**Directions:**
Below are the records; copy each line in them that holds the word "Деталь".

Records excerpted from a collection:
§

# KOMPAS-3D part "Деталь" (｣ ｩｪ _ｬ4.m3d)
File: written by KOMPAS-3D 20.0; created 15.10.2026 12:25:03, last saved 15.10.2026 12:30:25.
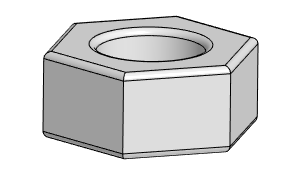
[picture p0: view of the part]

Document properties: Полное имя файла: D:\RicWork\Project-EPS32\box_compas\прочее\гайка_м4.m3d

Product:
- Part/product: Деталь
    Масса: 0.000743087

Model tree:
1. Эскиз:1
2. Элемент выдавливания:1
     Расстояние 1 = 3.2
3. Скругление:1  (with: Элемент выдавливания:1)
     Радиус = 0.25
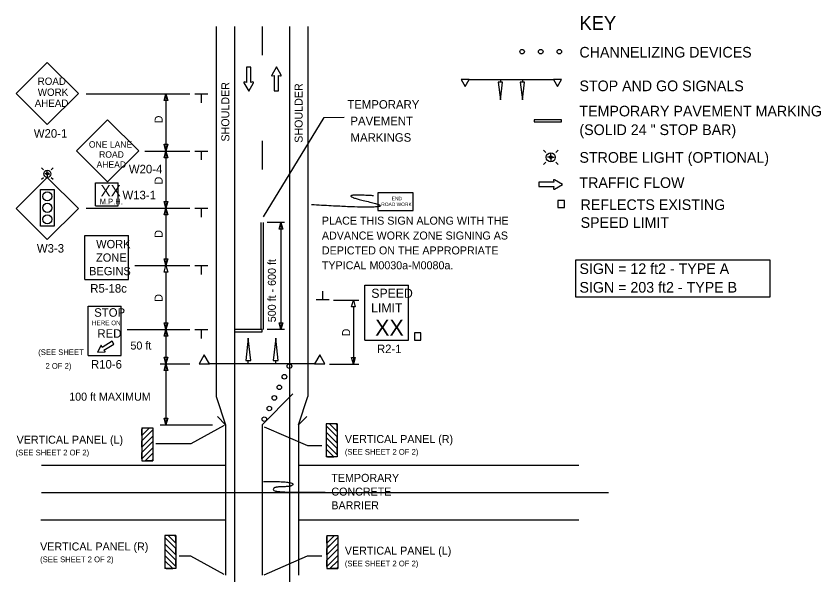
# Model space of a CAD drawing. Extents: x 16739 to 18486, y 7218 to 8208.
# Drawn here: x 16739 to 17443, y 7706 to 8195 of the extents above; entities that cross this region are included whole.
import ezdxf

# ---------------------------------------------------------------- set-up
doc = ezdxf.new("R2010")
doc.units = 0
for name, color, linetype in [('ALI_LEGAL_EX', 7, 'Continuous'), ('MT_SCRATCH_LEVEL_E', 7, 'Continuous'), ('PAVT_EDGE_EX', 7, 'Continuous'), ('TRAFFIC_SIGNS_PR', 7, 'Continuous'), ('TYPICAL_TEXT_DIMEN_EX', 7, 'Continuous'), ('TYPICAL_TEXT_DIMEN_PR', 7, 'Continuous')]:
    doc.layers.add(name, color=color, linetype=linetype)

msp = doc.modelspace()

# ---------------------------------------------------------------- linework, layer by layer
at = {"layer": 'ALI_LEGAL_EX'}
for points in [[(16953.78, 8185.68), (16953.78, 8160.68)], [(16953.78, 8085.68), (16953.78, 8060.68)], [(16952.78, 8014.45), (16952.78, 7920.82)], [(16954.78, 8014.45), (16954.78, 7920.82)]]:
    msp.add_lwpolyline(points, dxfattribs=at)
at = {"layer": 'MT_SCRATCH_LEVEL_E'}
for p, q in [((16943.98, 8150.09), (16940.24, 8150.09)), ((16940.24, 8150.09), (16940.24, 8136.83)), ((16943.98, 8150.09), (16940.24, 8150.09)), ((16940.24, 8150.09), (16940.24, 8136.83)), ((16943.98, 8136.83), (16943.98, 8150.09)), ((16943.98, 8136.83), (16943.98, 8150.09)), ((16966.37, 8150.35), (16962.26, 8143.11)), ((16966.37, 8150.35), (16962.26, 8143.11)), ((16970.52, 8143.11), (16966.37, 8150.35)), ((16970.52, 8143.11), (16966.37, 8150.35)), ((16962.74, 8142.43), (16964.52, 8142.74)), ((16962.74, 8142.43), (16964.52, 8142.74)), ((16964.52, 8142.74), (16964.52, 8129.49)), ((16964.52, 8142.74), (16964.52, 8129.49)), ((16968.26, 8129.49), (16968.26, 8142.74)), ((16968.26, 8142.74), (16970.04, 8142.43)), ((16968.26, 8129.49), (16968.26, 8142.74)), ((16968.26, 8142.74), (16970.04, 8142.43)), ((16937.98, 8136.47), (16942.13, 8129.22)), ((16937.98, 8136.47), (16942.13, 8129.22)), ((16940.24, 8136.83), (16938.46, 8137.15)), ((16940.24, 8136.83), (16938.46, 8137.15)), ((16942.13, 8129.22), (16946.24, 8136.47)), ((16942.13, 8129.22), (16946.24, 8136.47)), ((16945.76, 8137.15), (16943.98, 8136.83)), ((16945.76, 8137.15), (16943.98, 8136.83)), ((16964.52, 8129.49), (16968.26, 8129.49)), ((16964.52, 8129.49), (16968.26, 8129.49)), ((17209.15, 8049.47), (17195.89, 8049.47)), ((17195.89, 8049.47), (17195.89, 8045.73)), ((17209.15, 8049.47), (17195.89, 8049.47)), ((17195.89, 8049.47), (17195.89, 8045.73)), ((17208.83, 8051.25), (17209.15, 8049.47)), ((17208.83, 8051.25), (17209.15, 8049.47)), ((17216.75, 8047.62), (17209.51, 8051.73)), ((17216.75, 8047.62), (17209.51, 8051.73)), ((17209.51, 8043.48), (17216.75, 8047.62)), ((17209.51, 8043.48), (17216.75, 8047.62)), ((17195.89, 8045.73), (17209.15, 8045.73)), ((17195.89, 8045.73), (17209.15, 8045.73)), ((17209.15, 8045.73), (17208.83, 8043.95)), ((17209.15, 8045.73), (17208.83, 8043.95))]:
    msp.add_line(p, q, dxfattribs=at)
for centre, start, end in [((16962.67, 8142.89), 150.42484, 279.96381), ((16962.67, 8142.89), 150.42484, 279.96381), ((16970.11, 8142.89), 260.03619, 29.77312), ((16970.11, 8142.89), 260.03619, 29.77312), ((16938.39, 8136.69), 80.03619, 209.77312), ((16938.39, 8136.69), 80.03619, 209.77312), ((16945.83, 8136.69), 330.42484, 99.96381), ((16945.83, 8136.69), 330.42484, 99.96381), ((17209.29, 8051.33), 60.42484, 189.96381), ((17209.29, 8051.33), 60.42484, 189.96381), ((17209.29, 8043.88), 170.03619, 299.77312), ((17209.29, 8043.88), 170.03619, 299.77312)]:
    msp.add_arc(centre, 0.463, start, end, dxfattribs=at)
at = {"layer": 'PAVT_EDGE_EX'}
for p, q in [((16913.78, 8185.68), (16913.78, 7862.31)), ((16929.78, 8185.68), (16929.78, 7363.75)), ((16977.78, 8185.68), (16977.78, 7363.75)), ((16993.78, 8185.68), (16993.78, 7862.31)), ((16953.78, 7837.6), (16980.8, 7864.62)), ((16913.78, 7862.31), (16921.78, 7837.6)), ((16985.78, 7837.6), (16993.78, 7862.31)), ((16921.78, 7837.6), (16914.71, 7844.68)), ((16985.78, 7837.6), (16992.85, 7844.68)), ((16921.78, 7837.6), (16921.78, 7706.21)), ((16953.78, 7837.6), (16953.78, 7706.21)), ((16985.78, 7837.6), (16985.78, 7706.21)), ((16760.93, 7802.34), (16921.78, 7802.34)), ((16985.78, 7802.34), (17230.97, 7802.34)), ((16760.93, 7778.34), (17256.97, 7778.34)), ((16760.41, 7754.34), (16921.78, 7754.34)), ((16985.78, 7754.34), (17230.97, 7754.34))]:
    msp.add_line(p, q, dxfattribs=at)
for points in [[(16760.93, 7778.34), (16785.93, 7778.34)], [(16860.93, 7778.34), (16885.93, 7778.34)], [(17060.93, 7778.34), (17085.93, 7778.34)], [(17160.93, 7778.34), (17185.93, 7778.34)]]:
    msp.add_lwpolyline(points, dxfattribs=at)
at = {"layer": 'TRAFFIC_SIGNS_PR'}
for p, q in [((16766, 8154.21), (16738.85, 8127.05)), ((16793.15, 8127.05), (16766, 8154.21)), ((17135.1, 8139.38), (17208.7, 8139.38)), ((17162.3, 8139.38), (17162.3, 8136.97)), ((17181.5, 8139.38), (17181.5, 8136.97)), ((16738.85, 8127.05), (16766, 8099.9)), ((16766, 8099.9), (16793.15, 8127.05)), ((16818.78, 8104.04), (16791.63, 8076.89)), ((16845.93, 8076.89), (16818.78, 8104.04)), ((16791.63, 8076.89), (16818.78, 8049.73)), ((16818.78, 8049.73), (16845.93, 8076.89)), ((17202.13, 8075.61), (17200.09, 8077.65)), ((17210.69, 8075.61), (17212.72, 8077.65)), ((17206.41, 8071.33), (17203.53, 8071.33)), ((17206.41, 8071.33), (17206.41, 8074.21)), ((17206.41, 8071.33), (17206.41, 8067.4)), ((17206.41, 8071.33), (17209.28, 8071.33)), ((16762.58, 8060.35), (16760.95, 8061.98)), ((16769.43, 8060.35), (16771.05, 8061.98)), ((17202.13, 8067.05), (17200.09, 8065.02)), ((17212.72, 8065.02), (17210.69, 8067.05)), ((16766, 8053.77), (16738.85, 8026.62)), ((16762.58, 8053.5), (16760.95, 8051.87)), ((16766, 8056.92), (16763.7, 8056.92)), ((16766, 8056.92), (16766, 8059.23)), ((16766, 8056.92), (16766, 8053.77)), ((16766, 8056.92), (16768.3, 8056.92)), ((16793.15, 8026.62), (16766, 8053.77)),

§

**Result of the task:**
# KOMPAS-3D part "Деталь" (｣ ｩｪ _ｬ4.m3d)
- Part/product: Деталь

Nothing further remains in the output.